Records excerpted from a collection

==========

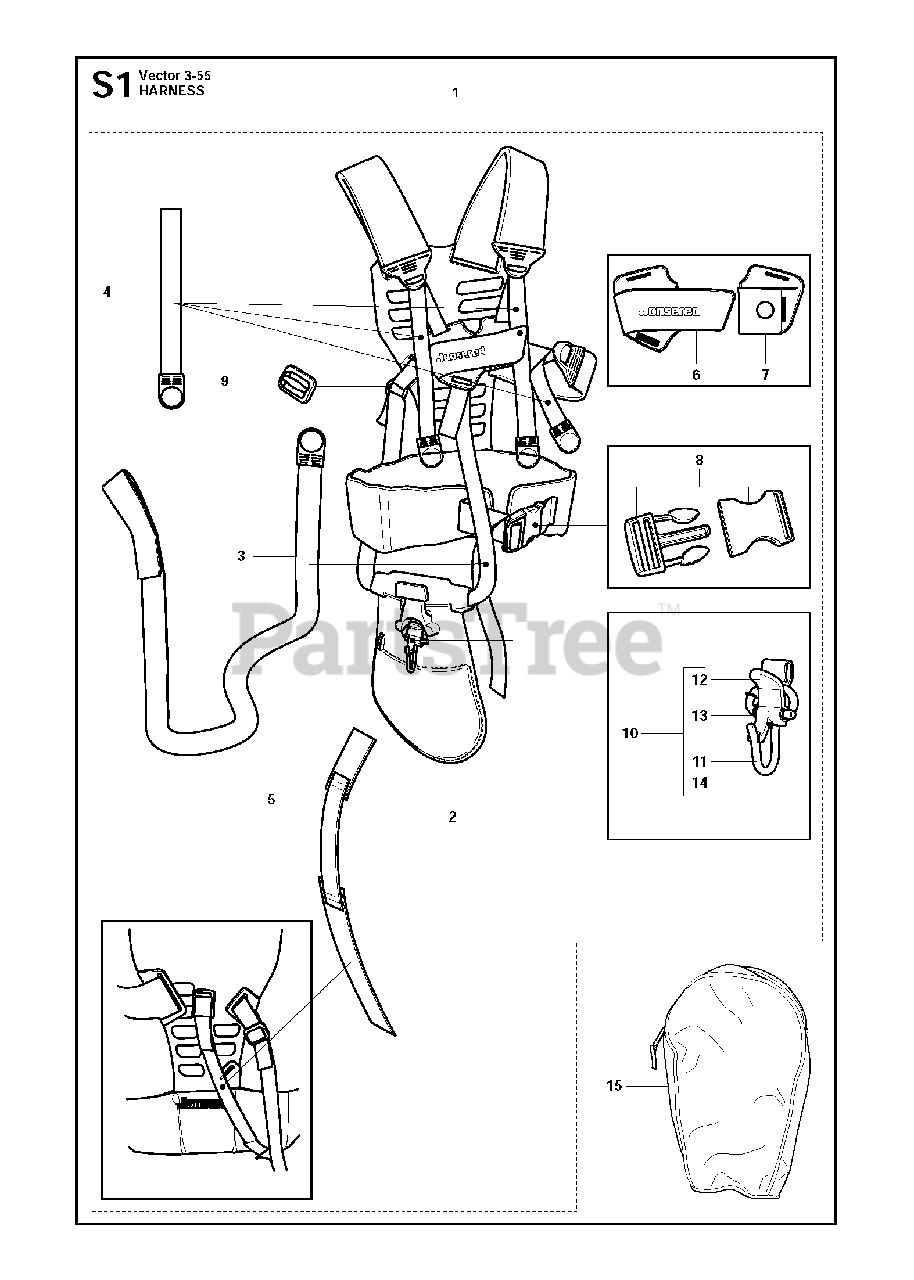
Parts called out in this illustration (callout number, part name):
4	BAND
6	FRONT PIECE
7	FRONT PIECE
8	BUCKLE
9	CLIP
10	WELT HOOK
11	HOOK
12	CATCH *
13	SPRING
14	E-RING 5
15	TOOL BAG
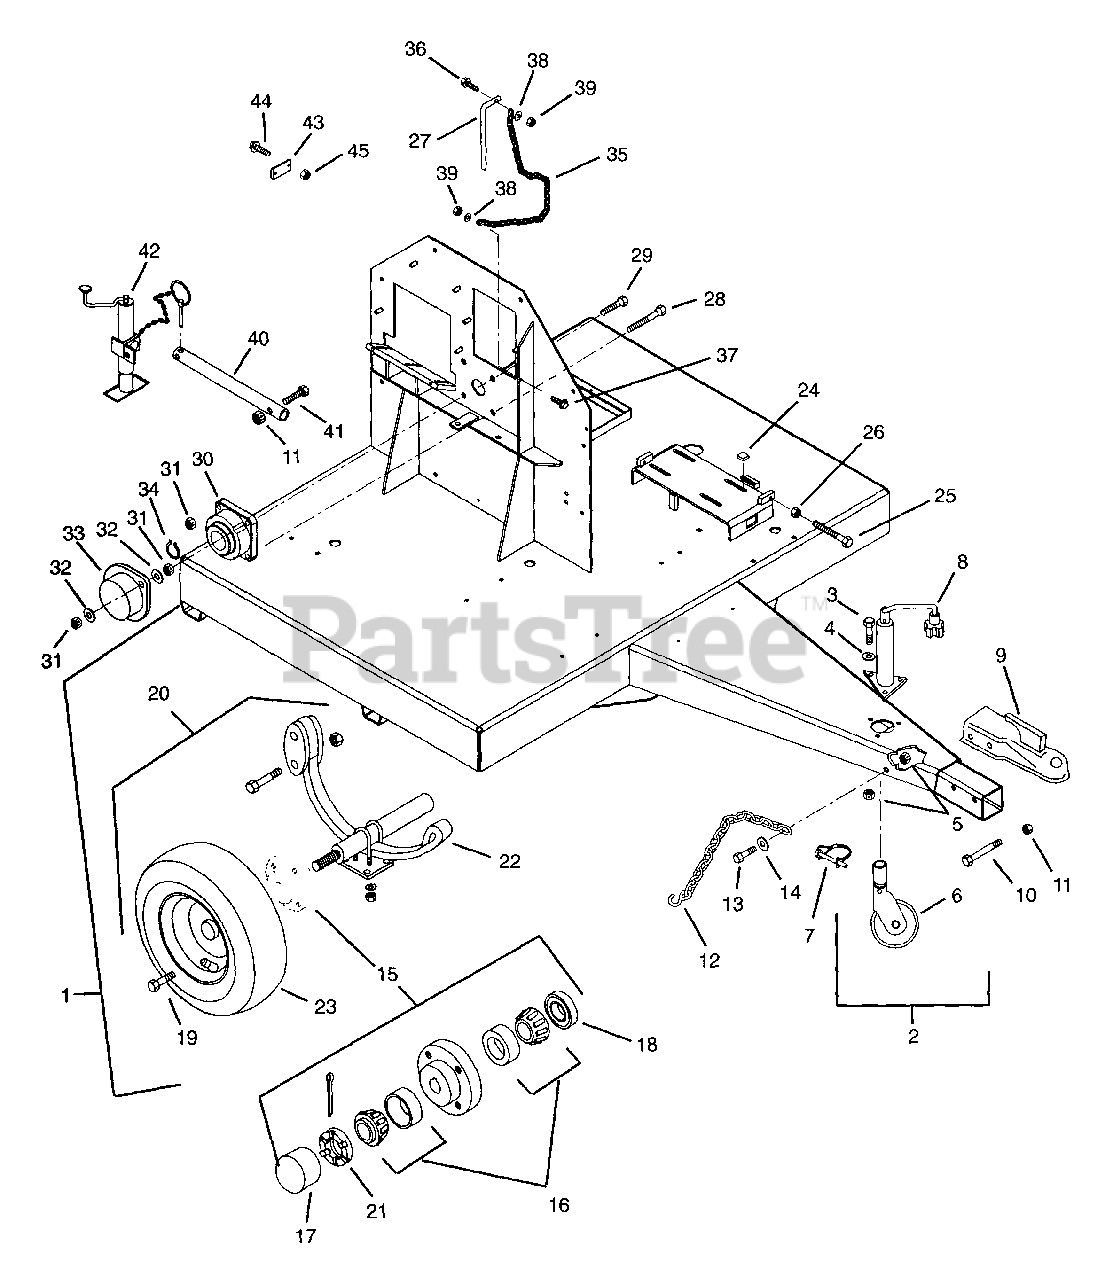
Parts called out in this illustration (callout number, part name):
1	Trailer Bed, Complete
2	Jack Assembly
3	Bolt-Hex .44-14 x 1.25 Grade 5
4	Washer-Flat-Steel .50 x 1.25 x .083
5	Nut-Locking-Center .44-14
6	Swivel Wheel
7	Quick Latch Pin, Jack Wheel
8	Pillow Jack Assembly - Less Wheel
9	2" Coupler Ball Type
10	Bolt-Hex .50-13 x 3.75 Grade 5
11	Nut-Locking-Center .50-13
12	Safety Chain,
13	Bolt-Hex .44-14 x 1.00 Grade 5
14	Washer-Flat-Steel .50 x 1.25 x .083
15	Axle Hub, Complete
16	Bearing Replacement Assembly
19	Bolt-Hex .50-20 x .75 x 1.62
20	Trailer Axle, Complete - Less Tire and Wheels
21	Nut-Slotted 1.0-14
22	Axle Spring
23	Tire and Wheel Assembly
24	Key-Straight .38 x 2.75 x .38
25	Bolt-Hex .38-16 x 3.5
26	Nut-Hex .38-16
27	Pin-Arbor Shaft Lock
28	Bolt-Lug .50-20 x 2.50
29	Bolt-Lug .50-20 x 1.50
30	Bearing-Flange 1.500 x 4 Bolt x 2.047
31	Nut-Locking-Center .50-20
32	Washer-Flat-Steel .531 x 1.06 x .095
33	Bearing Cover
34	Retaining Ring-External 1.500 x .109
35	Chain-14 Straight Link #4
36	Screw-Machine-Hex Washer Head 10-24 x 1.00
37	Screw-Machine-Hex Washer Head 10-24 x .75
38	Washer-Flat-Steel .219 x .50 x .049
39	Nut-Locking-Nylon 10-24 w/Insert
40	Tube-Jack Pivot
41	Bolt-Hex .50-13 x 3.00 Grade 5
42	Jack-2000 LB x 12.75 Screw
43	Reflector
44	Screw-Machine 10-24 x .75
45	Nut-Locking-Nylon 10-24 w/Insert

==========

Set down the entries shown above once more, exactly as they read, but without pictures.

## RESPONSE AREA
Parts called out in this illustration (callout number, part name):
4	BAND
6	FRONT PIECE
7	FRONT PIECE
8	BUCKLE
9	CLIP
10	WELT HOOK
11	HOOK
12	CATCH *
13	SPRING
14	E-RING 5
15	TOOL BAG
Parts called out in this illustration (callout number, part name):
1	Trailer Bed, Complete
2	Jack Assembly
3	Bolt-Hex .44-14 x 1.25 Grade 5
4	Washer-Flat-Steel .50 x 1.25 x .083
5	Nut-Locking-Center .44-14
6	Swivel Wheel
7	Quick Latch Pin, Jack Wheel
8	Pillow Jack Assembly - Less Wheel
9	2" Coupler Ball Type
10	Bolt-Hex .50-13 x 3.75 Grade 5
11	Nut-Locking-Center .50-13
12	Safety Chain,
13	Bolt-Hex .44-14 x 1.00 Grade 5
14	Washer-Flat-Steel .50 x 1.25 x .083
15	Axle Hub, Complete
16	Bearing Replacement Assembly
19	Bolt-Hex .50-20 x .75 x 1.62
20	Trailer Axle, Complete - Less Tire and Wheels
21	Nut-Slotted 1.0-14
22	Axle Spring
23	Tire and Wheel Assembly
24	Key-Straight .38 x 2.75 x .38
25	Bolt-Hex .38-16 x 3.5
26	Nut-Hex .38-16
27	Pin-Arbor Shaft Lock
28	Bolt-Lug .50-20 x 2.50
29	Bolt-Lug .50-20 x 1.50
30	Bearing-Flange 1.500 x 4 Bolt x 2.047
31	Nut-Locking-Center .50-20
32	Washer-Flat-Steel .531 x 1.06 x .095
33	Bearing Cover
34	Retaining Ring-External 1.500 x .109
35	Chain-14 Straight Link #4
36	Screw-Machine-Hex Washer Head 10-24 x 1.00
37	Screw-Machine-Hex Washer Head 10-24 x .75
38	Washer-Flat-Steel .219 x .50 x .049
39	Nut-Locking-Nylon 10-24 w/Insert
40	Tube-Jack Pivot
41	Bolt-Hex .50-13 x 3.00 Grade 5
42	Jack-2000 LB x 12.75 Screw
43	Reflector
44	Screw-Machine 10-24 x .75
45	Nut-Locking-Nylon 10-24 w/Insert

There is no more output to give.